**Records to use:**
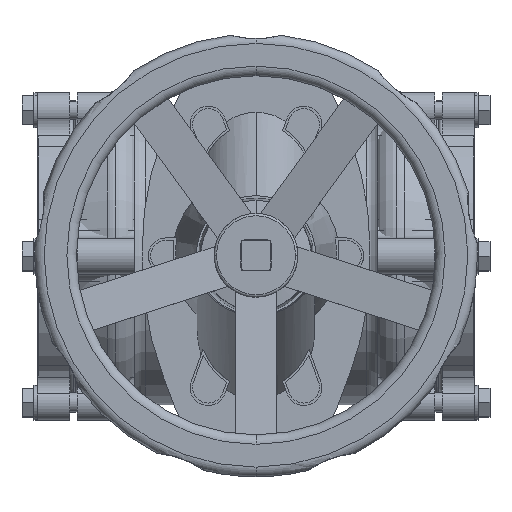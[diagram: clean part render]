
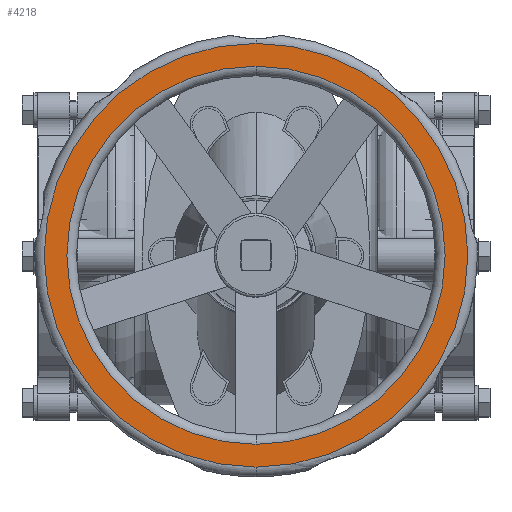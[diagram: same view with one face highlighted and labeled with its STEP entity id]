
A CAD part, top view. The second image highlights one B-rep face of the part: STEP entity #4218.
In plain terms, the highlighted planar face has unit normal (0, 0, 1).
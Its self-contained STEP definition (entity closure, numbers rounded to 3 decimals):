
#4218=ADVANCED_FACE('',(#7763,#7764),#7765,.T.);
#7763=FACE_BOUND('',#11612,.T.);
#7764=FACE_OUTER_BOUND('',#11613,.T.);
#7765=PLANE('',#11614);
#11612=EDGE_LOOP('',(#19877,#19878,#19879));
#11613=EDGE_LOOP('',(#19880,#19881,#19882));
#11614=AXIS2_PLACEMENT_3D('',#19883,#19884,#19885);
#19877=ORIENTED_EDGE('',*,*,#20820,.F.);
#19878=ORIENTED_EDGE('',*,*,#20819,.F.);
#19879=ORIENTED_EDGE('',*,*,#21531,.F.);
#19880=ORIENTED_EDGE('',*,*,#21739,.T.);
#19881=ORIENTED_EDGE('',*,*,#22688,.T.);
#19882=ORIENTED_EDGE('',*,*,#21740,.T.);
#19883=CARTESIAN_POINT('',(-115.0,0.,590.0));
#19884=DIRECTION('',(0.,0.,1.0));
#19885=DIRECTION('',(-1.0,0.,0.));
#20819=EDGE_CURVE('',#24379,#24382,#24383,.T.);
#20820=EDGE_CURVE('',#24382,#24384,#24385,.T.);
#21531=EDGE_CURVE('',#24384,#24379,#25615,.T.);
#21739=EDGE_CURVE('',#25955,#25953,#25956,.T.);
#21740=EDGE_CURVE('',#25935,#25955,#25957,.T.);
#22688=EDGE_CURVE('',#25953,#25935,#27387,.T.);
#24379=VERTEX_POINT('',#29410);
#24382=VERTEX_POINT('',#29413);
#24383=CIRCLE('',#29414,158.0);
#24384=VERTEX_POINT('',#29415);
#24385=CIRCLE('',#29416,158.0);
#25615=CIRCLE('',#31024,158.0);
#25935=VERTEX_POINT('',#31416);
#25953=VERTEX_POINT('',#31589);
#25955=VERTEX_POINT('',#31591);
#25956=CIRCLE('',#31592,177.0);
#25957=CIRCLE('',#31593,177.0);
#27387=CIRCLE('',#33507,177.0);
#29410=CARTESIAN_POINT('',(52.5,158.0,590.0));
#29413=CARTESIAN_POINT('',(-105.5,0.,590.0));
#29414=AXIS2_PLACEMENT_3D('',#35987,#35988,#35989);
#29415=CARTESIAN_POINT('',(52.5,-158.0,590.0));
#29416=AXIS2_PLACEMENT_3D('',#35990,#35991,#35992);
#31024=AXIS2_PLACEMENT_3D('',#37006,#37007,#37008);
#31416=CARTESIAN_POINT('',(52.5,177.0,590.0));
#31589=CARTESIAN_POINT('',(52.5,-177.0,590.0));
#31591=CARTESIAN_POINT('',(-124.5,0.,590.0));
#31592=AXIS2_PLACEMENT_3D('',#37333,#37334,#37335);
#31593=AXIS2_PLACEMENT_3D('',#37336,#37337,#37338);
#33507=AXIS2_PLACEMENT_3D('',#38579,#38580,#38581);
#35987=CARTESIAN_POINT('',(52.5,0.,590.0));
#35988=DIRECTION('',(0.,0.,1.0));
#35989=DIRECTION('',(-1.0,0.,0.));
#35990=CARTESIAN_POINT('',(52.5,0.,590.0));
#35991=DIRECTION('',(0.,0.,1.0));
#35992=DIRECTION('',(-1.0,0.,0.));
#37006=CARTESIAN_POINT('',(52.5,0.,590.0));
#37007=DIRECTION('',(0.,0.,1.0));
#37008=DIRECTION('',(-1.0,0.,0.));
#37333=CARTESIAN_POINT('',(52.5,0.,590.0));
#37334=DIRECTION('',(0.,0.,1.0));
#37335=DIRECTION('',(-1.0,0.,0.));
#37336=CARTESIAN_POINT('',(52.5,0.,590.0));
#37337=DIRECTION('',(0.,0.,1.0));
#37338=DIRECTION('',(-1.0,0.,0.));
#38579=CARTESIAN_POINT('',(52.5,0.,590.0));
#38580=DIRECTION('',(0.,0.,1.0));
#38581=DIRECTION('',(-1.0,0.,0.));

**Assigned task:** Pictures excluded, repeat exactly the lines from the top of the material through the line with "In plain terms, the", including both of those lines.

**Result:**
[diagram: clean part render]
[diagram: same view with one face highlighted and labeled with its STEP entity id]
A CAD part, top view. The second image highlights one B-rep face of the part: STEP entity #4218.
In plain terms, the highlighted planar face has unit normal (0, 0, 1).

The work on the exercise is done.